Cite as: http://hdl.handle.net/11858/00-001M-0000-002E-A23C-A
Abstract
The NODDI-DTI signal model is a modification of the NODDI signal model that formally allows interpretation of standard single-shell DTI data in terms of biophysical parameters in healthy human white matter (WM). The NODDI-DTI signal model contains no CSF compartment, restricting application to voxels without CSF partial-volume contamination. This modification allowed derivation of analytical relations between parameters representing axon density and dispersion, and DTI invariants (MD and FA) from the NODDI-DTI signal model. These relations formally allow extraction of biophysical parameters from DTI data. NODDI-DTI parameters were estimated by applying the proposed analytical relations to DTI parameters estimated from the first shell of data, and compared to parameters estimated by fitting the NODDI-DTI model to both shells of data (reference dataset) in the WM of 14 in vivo diffusion datasets recorded with two different protocols, and in simulated data.
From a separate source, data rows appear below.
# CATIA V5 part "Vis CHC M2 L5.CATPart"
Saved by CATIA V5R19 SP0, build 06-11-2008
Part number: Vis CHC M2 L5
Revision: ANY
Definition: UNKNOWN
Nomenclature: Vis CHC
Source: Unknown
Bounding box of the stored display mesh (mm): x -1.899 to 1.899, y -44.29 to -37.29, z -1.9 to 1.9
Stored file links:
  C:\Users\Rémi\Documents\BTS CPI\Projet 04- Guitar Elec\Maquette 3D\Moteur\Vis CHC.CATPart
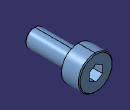
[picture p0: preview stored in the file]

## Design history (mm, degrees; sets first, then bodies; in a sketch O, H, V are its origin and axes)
Body1 "Enlèv. mat.-Extru.1" (main body)
  Solid1: solid without history
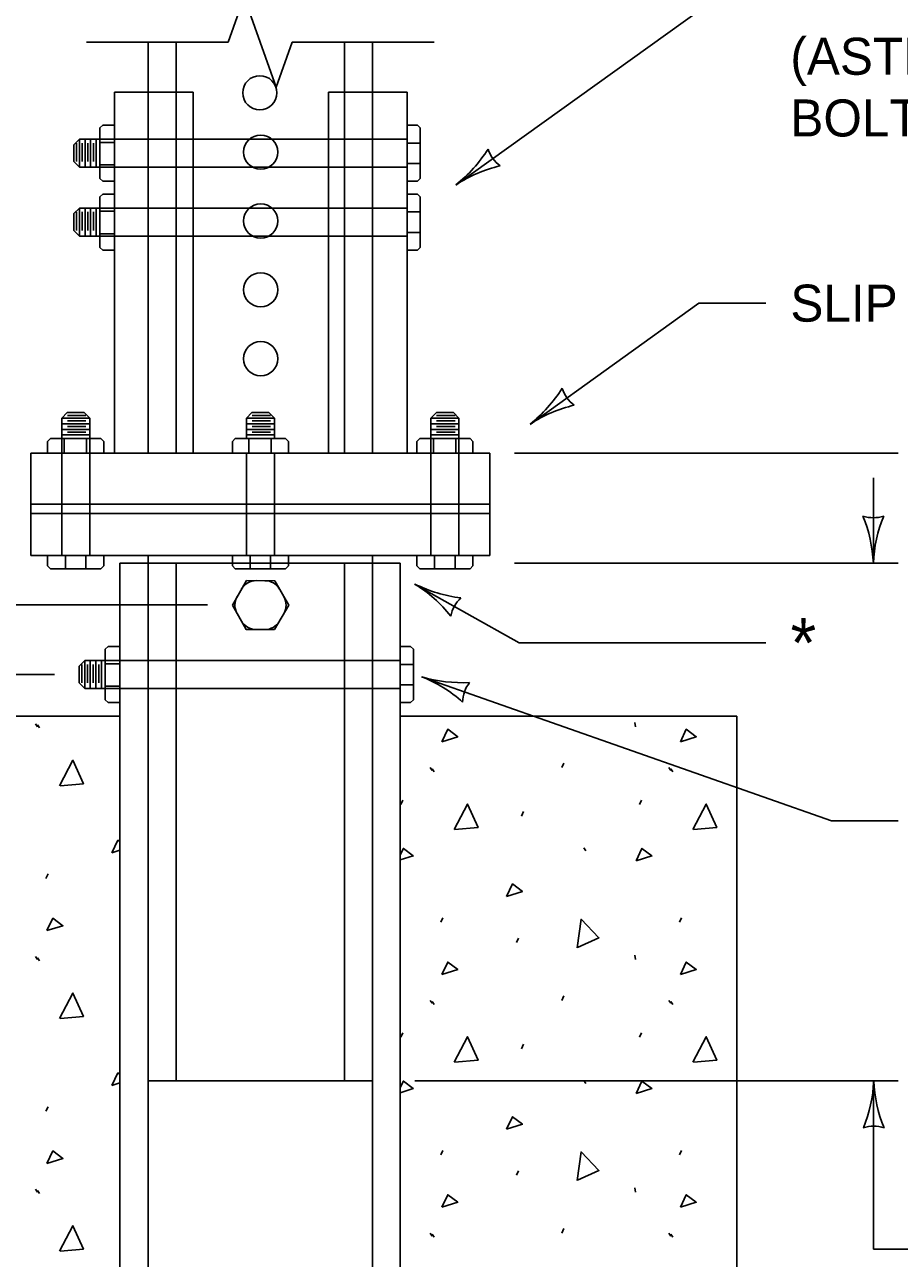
# Model space of a CAD drawing. Extents: x 49940 to 50043, y 49986 to 50011.
# Drawn here: x 50033.246 to 50034.663, y 49992.517 to 49994.516 of the extents above; entities that cross this region are included whole.
import ezdxf

# ---------------------------------------------------------------- set-up
doc = ezdxf.new("R2010")
doc.units = 0
for name, color, linetype in [('Level 1', 7, 'Continuous'), ('Level 2', 7, 'Continuous'), ('Level 3', 7, 'Continuous'), ('Level 4', 7, 'Continuous'), ('Level 6', 7, 'Continuous')]:
    doc.layers.add(name, color=color, linetype=linetype)

msp = doc.modelspace()

# ---------------------------------------------------------------- linework, layer by layer
at = {"layer": 'Level 1'}
for p, q in [((50033.3912, 49994.4061), (50033.3912, 49993.8213)), ((50033.3912, 49994.4061), (50033.5184, 49994.4061)), ((50033.5184, 49994.4061), (50033.5184, 49993.8213)), ((50033.738, 49994.4061), (50033.738, 49993.8213)), ((50033.8652, 49994.4061), (50033.738, 49994.4061)), ((50033.8652, 49994.4061), (50033.8652, 49993.8213)), ((50033.3675, 49994.3484), (50033.3721, 49994.3529)), ((50033.3675, 49994.2666), (50033.3675, 49994.3484)), ((50033.3912, 49994.3529), (50033.3721, 49994.3529)), ((50033.8819, 49994.3529), (50033.8652, 49994.3529)), ((50033.8864, 49994.3484), (50033.8819, 49994.3529)), ((50033.8864, 49994.2666), (50033.8864, 49994.3484)), ((50033.3253, 49994.3211), (50033.3344, 49994.3302)), ((50033.3253, 49994.2939), (50033.3253, 49994.3211)), ((50033.3298, 49994.294), (50033.3298, 49994.3239)), ((50033.3675, 49994.3302), (50033.3344, 49994.3302)), ((50033.3344, 49994.2848), (50033.3344, 49994.3302)), ((50033.3389, 49994.294), (50033.3389, 49994.3239)), ((50033.3435, 49994.2848), (50033.3435, 49994.3302)), ((50033.348, 49994.294), (50033.348, 49994.3239)), ((50033.3525, 49994.2848), (50033.3525, 49994.3302)), ((50033.3571, 49994.294), (50033.3571, 49994.3239)), ((50033.3616, 49994.2848), (50033.3616, 49994.3302)), ((50033.3675, 49994.3249), (50033.3898, 49994.3249)), ((50033.8864, 49994.3239), (50033.8658, 49994.3239)), ((50033.3253, 49994.2939), (50033.3344, 49994.2848)), ((50033.3675, 49994.2848), (50033.3344, 49994.2848)), ((50033.3675, 49994.2887), (50033.3898, 49994.2887)), ((50033.8864, 49994.2908), (50033.8658, 49994.2908)), ((50033.3675, 49994.2666), (50033.3721, 49994.262)), ((50033.3912, 49994.262), (50033.3721, 49994.262)), ((50033.8819, 49994.262), (50033.8652, 49994.262)), ((50033.8819, 49994.262), (50033.8864, 49994.2666)), ((50033.3675, 49994.2367), (50033.3721, 49994.2413)), ((50033.3912, 49994.2413), (50033.3721, 49994.2413)), ((50033.8819, 49994.2413), (50033.8652, 49994.2413)), ((50033.8864, 49994.2367), (50033.8819, 49994.2413)), ((50033.3675, 49994.1549), (50033.3675, 49994.2367)), ((50033.8864, 49994.1549), (50033.8864, 49994.2367)), ((50033.3253, 49994.2095), (50033.3344, 49994.2186)), ((50033.3253, 49994.1822), (50033.3253, 49994.2095)), ((50033.3298, 49994.1824), (50033.3298, 49994.2122)), ((50033.3675, 49994.2186), (50033.3344, 49994.2186)), ((50033.3344, 49994.1731), (50033.3344, 49994.2186)), ((50033.3389, 49994.1824), (50033.3389, 49994.2122)), ((50033.3435, 49994.1731), (50033.3435, 49994.2186)), ((50033.348, 49994.1824), (50033.348, 49994.2122)), ((50033.3525, 49994.1731), (50033.3525, 49994.2186)), ((50033.3571, 49994.1824), (50033.3571, 49994.2122)), ((50033.3616, 49994.1731), (50033.3616, 49994.2186)), ((50033.3675, 49994.2133), (50033.3898, 49994.2133)), ((50033.8864, 49994.2122), (50033.8658, 49994.2122)), ((50033.3253, 49994.1822), (50033.3344, 49994.1731)), ((50033.3675, 49994.1731), (50033.3344, 49994.1731)), ((50033.3675, 49994.177), (50033.3898, 49994.177)), ((50033.8864, 49994.1792), (50033.8658, 49994.1792)), ((50033.3675, 49994.1549), (50033.3721, 49994.1504)), ((50033.3912, 49994.1504), (50033.3721, 49994.1504)), ((50033.8819, 49994.1504), (50033.8652, 49994.1504)), ((50033.8819, 49994.1504), (50033.8864, 49994.1549)), ((50033.3147, 49993.8872), (50033.3056, 49993.8781)), ((50033.3147, 49993.8872), (50033.3419, 49993.8872)), ((50033.3148, 49993.8827), (50033.3447, 49993.8827)), ((50033.3419, 49993.8872), (50033.351, 49993.8781)), ((50033.6139, 49993.8872), (50033.6048, 49993.8781)), ((50033.6139, 49993.8872), (50033.6412, 49993.8872)), ((50033.614, 49993.8827), (50033.6439, 49993.8827)), ((50033.6412, 49993.8872), (50033.6502, 49993.8781)), ((50033.9129, 49993.8872), (50033.9039, 49993.8781)), ((50033.9129, 49993.8872), (50033.9402, 49993.8872)), ((50033.9131, 49993.8827), (50033.9429, 49993.8827)), ((50033.9402, 49993.8872), (50033.9493, 49993.8781)), ((50033.3056, 49993.845), (50033.3056, 49993.8781)), ((50033.3056, 49993.8781), (50033.351, 49993.8781)), ((50033.3056, 49993.869), (50033.351, 49993.869)), ((50033.3148, 49993.8736), (50033.3447, 49993.8736)), ((50033.3148, 49993.8645), (50033.3447, 49993.8645)), ((50033.351, 49993.845), (50033.351, 49993.8781)), ((50033.6048, 49993.845), (50033.6048, 49993.8781)), ((50033.6048, 49993.8781), (50033.6502, 49993.8781)), ((50033.6048, 49993.869), (50033.6502, 49993.869)), ((50033.614, 49993.8736), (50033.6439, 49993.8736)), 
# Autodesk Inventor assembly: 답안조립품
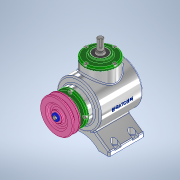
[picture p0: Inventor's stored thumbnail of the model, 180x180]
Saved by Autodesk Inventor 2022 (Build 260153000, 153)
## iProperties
Created: 2023-04
Part Number: 답안조립품
Document SubType Name: Assembly
Designer: ADMIN_PC
Author: ADMIN_PC
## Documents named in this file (17)
- C:\Users\ADMIN_PC\Desktop\730411V1002\답안조립품.iam
- C:\Users\ADMIN_PC\Desktop\730411V1002\본체.ipt
- C:\Users\ADMIN_PC\Desktop\730411V1002\커버.ipt
- C:\Users\ADMIN_PC\Desktop\730411V1002\베어링 6203.ipt
- C:\Users\ADMIN_PC\Desktop\730411V1002\오일실 17 x 32 x 8.ipt
- C:\Users\ADMIN_PC\Desktop\730411V1002\메인 축.ipt
- 메인 축.ipt
- C:\Users\ADMIN_PC\Desktop\730411V1002\키 5 x 5 x 14.ipt
- C:\Users\ADMIN_PC\Desktop\730411V1002\메인 베벨기어.ipt
- C:\Users\ADMIN_PC\Desktop\730411V1002\서브 축.ipt
- 서브 축.ipt
- C:\Users\ADMIN_PC\Desktop\730411V1002\키 4 x 4 x 14.ipt
- C:\Users\ADMIN_PC\Desktop\730411V1002\서브 베벨기어.ipt
- C:\Users\ADMIN_PC\Desktop\730411V1002\V-벨트풀리.ipt
- C:\Users\ADMIN_PC\Desktop\730411V1002\볼트 M4 x 10.ipt
- C:\Users\ADMIN_PC\Desktop\730411V1002\와셔 4 x 16.ipt
- C:\Users\ADMIN_PC\Desktop\730411V1002\육각볼트 M4 x 8.ipt
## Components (1 placed, 1 different names)
1. V-벨트풀리:1

The first two datasets were also fit to the NODDI-DTI model using only the first shell (as for DTI) of data. NODDI-DTI parameters estimated from DTI, and NODDI-DTI parameters estimated by fitting the model to the first shell of data gave similar errors compared to two-shell NODDI-DTI estimates. The simulations showed the NODDI-DTI method to be more noise-robust than the two-shell fitting procedure. The NODDI-DTI method gave unphysical parameter estimates in a small percentage of voxels, reflecting voxelwise DTI estimation error or NODDI-DTI model invalidity. In the course of evaluating the NODDI-DTI model, it was found that diffusional kurtosis strongly biased DTI-based MD values, and so, making assumptions based on healthy WM, a novel heuristic correction requiring only DTI data was derived and used to mitigate this bias. Since validations were only performed on healthy WM, application to grey matter or pathological WM would require further validation. Our results demonstrate NODDI-DTI to be a promising model and technique to interpret restricted datasets acquired for DTI analysis in healthy white matter with greater biophysical specificity, though its limitations must be borne in mind.